IDRs lower borrowers' monthly payments, which is a good thing. And, if IDR borrowers faithfully make their monthly loan payments for the entire repayment term (20 or 25 years), any remaining unpaid debt is forgiven.

And therein lies the big problem with IDRs. Many IDR borrowers are making payments so low that their payments do not cover accruing interest. Thus a substantial percentage of people in IDRs are seeing their loan balances grow over time--not shrink, even when they are making all their monthly payments on time. Many people in IDRs will never pay off the principal of their debt, which means that their student-loan debt will ultimately be forgiven with the forgiven amount being absorbed by taxpayers.

DOE regularly calculates the cost of IDRs to taxpayers,  but according to a report issued last month by the U.S. Government Accountability Office, DOE has seriously miscalculated those costs. GAO estimates that  $352 billion in federal student loans is being paid through IDRs for the 1995 through 2017 cohorts.  Of that amount, $137 billion--39 percent--will not be repaid (GAO report, p. 51). This is nearly double DOE's estimate of 21 percent.

GAO concluded that DOE has miscalculated the costs of IDR for several reasons:
  • DOE did not differentiate among different IDR programs when calculating costs, in spite of the fact that some IDRs are more generous toward borrowers than others.
  • DOE originally assumed that no one in GRAD PLUS programs would participate in IDRs, even though GRAD PLUS borrowers are eligible to participate. In fact, a lot of unemployed or underemployed people with graduate degrees are opting for long-term, income based repayment plans as the only way to manage their enormous debt.
  • DOE assumed that all IDR participants would recertify their income annually, which is a requirement for continued IDR participation.  In reality, more than half of IDR participants are not recertifying their income on an annual basis, causing those individuals to be ejected from their income-drive repayment plans.
  • DOE's cost analyses assumed that people in standard repayment plans would not switch to IDRs (GAO report, p. 37), but the Obama administration is actively encouraging borrowers to switch to IDRs.
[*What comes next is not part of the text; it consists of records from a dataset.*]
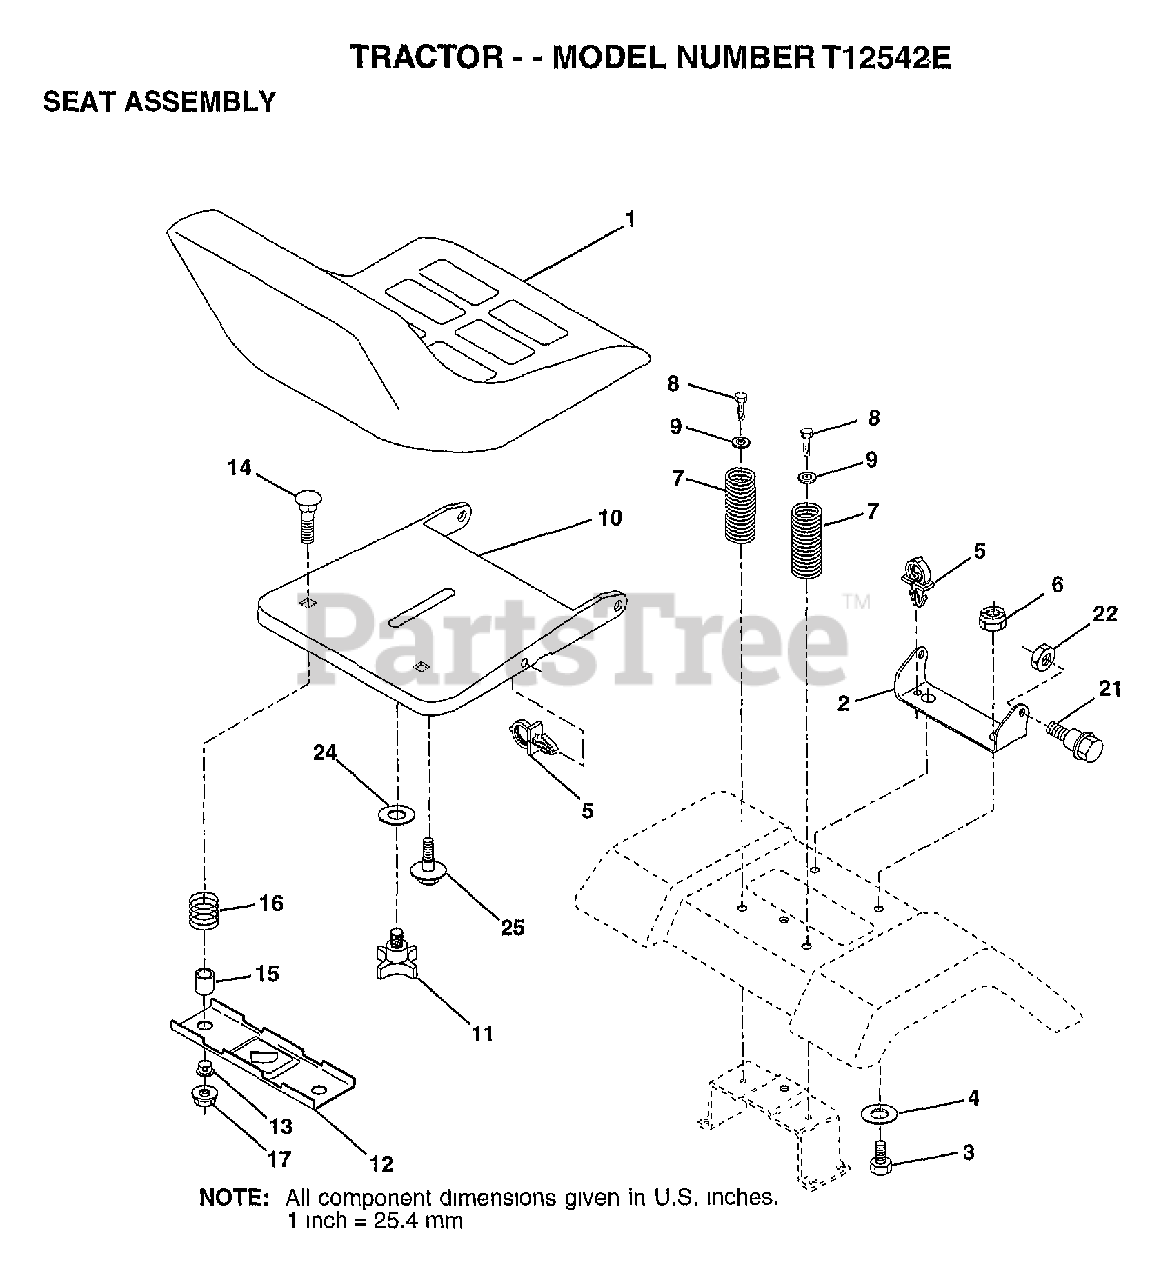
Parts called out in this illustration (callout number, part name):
2	BRACKET PVT SEAT
3	BOLT
4	WASHER PM
5	CLIP.PUSH-IN.HING
6	NUT
7	SPRING COMPRESSIO
8	SCREW GTV
9	WASHER
10	PAN-SEAT
11	"KNOB 1/2"" YT"
12	BRKT SWITCH
13	BUSHING
15	SPACER SPLIT
16	SPRING COMPRESSED
21	"BOLT,SHOULDER"
22	NUT
24	WASHER
25	"BOLT,SHOULDER"

Currently, 40 percent of all federal student-loan dollars are now being  repaid through some sort of IDR (GAO report, p. 8).
The GAO also observed that DOE has made repayment projections based on the assumption that monthly payments would increase as borrowers' incomes go up over the years. But, as GAO pointed out, it is "challenging" to predict how much IDR borrowers' income will change over time and how much of their original loan balances will ultimately be forgiven and charged to taxpayers.

Jason Deslisle, a fellow at the American Enterprise Institute, said this about the GAO report: "Really what the GAO is saying is that the Obama administration's expansion of this [IDR] program has been done without good information about the effects."  And Alexander Holt, a policy analyst at New America, said the report shows "insane incompetence" on the part of DOE. 

But in essence, DOE is engaged in accounting fraud. We really don't know what it costs taxpayers to herd millions of student borrowers into IDRs, and DOE doesn't want us to know.

And you know what? DOE doesn't care what it costs. All it is doing is maintaining the charade that the federal student loan program is under control when in fact millions of Americans have student-loan debt they will never pay back.

References

Andrew Kreigbaum. GAO Report finds costs of loan programs outpace estimates and department methodology flawed. Inside Higher Ed, December 1, 2016.

US. Government Accounting Office. Federal Student Loans: Education Needs to Improve Its Income-Driven Repayment Plan Budget Estimates. Washington, DC: U.S. Government Accounting Office, November, 2016.